## What is required
Across all the entries below, how many lines mention the string "ymin"? Respond with a single number.

□ □ □ □

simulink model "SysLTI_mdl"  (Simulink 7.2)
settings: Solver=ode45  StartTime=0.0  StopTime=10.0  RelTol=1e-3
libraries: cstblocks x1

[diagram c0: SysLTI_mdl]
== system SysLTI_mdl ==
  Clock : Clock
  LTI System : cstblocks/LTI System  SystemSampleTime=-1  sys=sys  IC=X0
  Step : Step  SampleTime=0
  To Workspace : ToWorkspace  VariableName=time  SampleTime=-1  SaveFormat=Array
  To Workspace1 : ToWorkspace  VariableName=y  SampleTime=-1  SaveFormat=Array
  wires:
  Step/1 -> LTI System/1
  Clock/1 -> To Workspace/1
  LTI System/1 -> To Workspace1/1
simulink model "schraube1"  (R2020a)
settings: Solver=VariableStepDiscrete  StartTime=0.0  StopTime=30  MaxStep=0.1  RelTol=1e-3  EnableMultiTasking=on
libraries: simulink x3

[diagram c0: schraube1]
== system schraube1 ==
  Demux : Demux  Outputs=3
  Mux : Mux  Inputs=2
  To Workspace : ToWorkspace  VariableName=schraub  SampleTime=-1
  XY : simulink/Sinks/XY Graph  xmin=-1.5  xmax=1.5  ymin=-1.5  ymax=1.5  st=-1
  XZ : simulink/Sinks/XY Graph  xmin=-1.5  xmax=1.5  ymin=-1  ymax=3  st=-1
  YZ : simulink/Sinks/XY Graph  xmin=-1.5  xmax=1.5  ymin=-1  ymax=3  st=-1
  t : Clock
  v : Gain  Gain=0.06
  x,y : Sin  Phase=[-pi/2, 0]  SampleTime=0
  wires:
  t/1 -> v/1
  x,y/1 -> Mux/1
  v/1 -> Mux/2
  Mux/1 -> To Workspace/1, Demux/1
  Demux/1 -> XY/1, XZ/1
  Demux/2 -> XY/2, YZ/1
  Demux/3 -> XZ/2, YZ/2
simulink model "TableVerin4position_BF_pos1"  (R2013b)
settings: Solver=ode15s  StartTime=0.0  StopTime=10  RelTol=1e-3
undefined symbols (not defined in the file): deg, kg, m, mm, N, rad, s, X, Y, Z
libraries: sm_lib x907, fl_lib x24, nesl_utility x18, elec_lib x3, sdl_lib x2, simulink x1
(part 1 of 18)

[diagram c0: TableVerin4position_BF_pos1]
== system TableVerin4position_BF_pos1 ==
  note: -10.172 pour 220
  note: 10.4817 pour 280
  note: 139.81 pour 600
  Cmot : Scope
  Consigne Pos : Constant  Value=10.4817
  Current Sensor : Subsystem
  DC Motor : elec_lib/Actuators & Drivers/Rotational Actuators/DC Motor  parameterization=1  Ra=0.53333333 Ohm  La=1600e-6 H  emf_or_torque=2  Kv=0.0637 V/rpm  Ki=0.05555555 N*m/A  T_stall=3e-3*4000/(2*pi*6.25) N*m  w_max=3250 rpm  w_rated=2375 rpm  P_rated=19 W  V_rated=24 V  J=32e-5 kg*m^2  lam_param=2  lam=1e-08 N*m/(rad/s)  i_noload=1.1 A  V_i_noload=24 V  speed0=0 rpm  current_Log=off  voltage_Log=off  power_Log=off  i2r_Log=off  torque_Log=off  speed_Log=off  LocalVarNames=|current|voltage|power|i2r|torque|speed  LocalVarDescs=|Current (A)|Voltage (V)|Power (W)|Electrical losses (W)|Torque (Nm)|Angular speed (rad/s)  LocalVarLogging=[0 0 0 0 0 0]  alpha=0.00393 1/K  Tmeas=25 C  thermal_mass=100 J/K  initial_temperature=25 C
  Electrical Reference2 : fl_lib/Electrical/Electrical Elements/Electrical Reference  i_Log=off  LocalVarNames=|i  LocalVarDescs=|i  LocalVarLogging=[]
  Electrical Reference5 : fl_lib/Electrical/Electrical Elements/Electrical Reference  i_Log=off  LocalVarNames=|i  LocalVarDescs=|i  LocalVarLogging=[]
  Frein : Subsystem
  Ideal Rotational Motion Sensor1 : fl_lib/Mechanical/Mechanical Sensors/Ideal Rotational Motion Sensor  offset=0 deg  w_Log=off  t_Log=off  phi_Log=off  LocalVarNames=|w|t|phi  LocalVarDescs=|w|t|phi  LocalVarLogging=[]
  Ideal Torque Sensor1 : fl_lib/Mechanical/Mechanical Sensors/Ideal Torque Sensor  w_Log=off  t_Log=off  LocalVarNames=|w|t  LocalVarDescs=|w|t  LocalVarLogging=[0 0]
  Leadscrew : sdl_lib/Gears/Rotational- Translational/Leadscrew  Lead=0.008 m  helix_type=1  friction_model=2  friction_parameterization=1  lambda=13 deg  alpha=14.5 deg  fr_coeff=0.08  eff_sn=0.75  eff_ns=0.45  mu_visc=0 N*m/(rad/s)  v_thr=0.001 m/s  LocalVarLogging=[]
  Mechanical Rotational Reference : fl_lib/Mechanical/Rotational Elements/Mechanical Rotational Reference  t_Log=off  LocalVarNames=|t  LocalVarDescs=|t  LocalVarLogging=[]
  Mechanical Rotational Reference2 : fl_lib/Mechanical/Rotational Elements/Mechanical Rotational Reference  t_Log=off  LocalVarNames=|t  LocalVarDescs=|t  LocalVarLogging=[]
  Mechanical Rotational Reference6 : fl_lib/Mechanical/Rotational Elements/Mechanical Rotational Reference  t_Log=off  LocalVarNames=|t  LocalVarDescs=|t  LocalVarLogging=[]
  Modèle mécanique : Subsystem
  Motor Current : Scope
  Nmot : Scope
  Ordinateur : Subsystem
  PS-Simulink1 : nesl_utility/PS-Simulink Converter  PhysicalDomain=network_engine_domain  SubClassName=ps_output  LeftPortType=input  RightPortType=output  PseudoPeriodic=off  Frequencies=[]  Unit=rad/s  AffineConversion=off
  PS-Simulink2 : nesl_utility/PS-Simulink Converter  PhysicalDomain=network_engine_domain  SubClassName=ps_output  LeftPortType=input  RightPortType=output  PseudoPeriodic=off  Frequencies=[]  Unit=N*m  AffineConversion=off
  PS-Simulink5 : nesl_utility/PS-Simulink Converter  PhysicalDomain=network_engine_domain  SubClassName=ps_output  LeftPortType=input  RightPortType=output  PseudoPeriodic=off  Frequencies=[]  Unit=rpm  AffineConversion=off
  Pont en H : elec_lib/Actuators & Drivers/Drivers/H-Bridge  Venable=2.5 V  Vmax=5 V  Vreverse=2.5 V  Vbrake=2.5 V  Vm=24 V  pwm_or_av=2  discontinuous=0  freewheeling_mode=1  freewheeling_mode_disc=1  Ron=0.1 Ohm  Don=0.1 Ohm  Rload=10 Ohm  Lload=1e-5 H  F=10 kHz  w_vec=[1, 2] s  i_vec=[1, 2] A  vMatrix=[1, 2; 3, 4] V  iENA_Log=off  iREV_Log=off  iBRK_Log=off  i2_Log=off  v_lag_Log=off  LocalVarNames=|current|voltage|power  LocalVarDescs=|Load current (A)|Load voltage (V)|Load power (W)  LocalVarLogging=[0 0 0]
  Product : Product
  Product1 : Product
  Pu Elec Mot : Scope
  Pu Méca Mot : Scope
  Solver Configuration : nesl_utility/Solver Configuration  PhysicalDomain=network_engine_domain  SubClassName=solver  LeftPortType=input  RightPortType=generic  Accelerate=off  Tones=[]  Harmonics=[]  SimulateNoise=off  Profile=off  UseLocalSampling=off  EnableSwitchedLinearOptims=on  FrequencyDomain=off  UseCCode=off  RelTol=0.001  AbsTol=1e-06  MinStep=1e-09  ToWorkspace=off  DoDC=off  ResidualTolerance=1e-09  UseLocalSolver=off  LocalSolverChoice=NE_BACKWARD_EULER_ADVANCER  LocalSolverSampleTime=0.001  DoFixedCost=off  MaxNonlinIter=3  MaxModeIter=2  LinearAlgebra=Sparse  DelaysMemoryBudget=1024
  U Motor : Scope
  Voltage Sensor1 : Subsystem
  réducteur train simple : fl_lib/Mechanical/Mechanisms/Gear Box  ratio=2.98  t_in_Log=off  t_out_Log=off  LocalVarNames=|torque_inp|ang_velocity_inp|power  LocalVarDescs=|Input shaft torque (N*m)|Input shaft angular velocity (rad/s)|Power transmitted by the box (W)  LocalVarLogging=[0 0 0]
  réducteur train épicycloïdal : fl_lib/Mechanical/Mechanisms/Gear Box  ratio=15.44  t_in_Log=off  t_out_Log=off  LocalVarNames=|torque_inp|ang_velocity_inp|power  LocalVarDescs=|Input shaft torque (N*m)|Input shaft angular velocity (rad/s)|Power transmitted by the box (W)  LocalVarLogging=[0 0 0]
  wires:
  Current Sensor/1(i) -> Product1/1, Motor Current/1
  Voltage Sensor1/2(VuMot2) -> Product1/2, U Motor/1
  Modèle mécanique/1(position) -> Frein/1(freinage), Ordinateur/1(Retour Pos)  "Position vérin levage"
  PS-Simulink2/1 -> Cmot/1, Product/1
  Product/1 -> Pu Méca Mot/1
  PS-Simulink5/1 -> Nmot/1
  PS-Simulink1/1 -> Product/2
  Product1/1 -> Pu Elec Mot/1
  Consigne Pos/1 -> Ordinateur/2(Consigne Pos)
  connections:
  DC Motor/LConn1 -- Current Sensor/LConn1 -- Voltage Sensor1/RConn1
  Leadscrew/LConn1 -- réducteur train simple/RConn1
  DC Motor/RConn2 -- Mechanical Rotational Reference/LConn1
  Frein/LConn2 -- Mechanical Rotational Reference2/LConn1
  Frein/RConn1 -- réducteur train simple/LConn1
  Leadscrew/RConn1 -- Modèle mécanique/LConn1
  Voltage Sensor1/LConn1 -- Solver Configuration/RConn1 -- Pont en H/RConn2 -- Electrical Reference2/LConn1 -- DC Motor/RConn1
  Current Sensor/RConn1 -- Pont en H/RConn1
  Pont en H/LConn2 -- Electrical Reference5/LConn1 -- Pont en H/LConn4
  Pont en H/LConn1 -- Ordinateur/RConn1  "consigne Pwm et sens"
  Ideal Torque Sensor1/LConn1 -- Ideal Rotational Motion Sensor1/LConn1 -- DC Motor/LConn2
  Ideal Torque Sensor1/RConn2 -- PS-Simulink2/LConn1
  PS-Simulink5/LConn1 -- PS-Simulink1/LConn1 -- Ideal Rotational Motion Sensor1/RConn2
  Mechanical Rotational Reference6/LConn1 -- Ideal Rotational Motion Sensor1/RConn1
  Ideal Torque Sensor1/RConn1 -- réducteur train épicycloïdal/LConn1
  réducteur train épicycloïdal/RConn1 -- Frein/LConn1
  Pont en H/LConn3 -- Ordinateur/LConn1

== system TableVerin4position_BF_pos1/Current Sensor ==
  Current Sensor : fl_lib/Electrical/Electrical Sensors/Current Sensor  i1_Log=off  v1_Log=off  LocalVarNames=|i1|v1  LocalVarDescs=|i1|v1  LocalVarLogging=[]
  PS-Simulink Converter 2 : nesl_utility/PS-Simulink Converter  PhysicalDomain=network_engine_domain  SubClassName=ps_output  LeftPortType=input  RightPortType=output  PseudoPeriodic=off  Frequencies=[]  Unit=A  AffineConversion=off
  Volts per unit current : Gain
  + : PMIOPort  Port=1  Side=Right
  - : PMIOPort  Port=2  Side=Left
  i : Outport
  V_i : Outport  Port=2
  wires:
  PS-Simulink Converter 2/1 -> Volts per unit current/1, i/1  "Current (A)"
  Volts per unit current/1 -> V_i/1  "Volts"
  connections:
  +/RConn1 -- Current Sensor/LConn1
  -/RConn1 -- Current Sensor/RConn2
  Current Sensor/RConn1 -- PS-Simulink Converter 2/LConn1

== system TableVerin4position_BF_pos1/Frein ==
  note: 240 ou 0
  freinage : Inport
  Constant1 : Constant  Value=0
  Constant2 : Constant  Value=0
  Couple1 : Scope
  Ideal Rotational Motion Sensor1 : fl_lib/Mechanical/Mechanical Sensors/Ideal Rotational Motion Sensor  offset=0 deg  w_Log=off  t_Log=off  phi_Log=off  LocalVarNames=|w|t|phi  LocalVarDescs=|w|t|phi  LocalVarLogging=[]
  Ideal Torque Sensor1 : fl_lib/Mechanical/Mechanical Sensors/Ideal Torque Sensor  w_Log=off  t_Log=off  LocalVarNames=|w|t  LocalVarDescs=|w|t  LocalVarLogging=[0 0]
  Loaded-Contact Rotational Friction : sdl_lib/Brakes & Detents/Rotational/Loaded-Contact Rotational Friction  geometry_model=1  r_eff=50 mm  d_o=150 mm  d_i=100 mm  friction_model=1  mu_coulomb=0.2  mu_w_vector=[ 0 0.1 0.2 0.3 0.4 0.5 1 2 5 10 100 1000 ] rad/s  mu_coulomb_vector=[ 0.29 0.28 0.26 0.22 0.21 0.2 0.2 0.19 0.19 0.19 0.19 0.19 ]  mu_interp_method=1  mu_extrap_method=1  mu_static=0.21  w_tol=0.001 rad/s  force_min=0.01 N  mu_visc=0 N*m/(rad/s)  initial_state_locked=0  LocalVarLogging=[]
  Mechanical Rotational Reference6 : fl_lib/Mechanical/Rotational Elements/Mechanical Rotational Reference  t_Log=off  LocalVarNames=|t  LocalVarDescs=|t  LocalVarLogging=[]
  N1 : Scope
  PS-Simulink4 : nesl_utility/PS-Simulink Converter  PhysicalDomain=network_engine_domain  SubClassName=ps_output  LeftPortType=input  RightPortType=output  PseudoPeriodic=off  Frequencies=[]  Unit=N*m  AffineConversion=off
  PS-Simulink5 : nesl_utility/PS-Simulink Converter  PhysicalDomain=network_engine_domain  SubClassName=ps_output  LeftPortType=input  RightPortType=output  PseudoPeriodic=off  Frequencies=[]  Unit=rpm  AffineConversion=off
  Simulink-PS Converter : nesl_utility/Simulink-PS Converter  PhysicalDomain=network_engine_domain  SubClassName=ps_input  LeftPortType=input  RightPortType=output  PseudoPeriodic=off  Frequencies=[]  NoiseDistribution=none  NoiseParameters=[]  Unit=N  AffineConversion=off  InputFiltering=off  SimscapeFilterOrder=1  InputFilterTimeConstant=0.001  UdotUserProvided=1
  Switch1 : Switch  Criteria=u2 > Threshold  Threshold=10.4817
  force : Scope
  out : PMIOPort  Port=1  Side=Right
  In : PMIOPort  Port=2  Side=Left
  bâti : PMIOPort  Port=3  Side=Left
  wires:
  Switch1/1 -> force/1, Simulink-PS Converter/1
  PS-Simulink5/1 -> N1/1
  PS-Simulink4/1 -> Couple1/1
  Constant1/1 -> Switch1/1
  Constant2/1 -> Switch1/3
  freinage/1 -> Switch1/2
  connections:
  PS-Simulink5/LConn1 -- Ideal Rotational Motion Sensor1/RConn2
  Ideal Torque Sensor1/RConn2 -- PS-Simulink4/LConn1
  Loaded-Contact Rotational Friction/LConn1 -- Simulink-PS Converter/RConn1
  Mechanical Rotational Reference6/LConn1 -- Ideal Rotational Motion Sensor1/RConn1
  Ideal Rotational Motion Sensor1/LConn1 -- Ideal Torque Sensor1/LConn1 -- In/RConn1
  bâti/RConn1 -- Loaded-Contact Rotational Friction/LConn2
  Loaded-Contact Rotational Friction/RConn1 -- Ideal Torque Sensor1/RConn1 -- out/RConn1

□ □ □ □

## Output for this exercise
3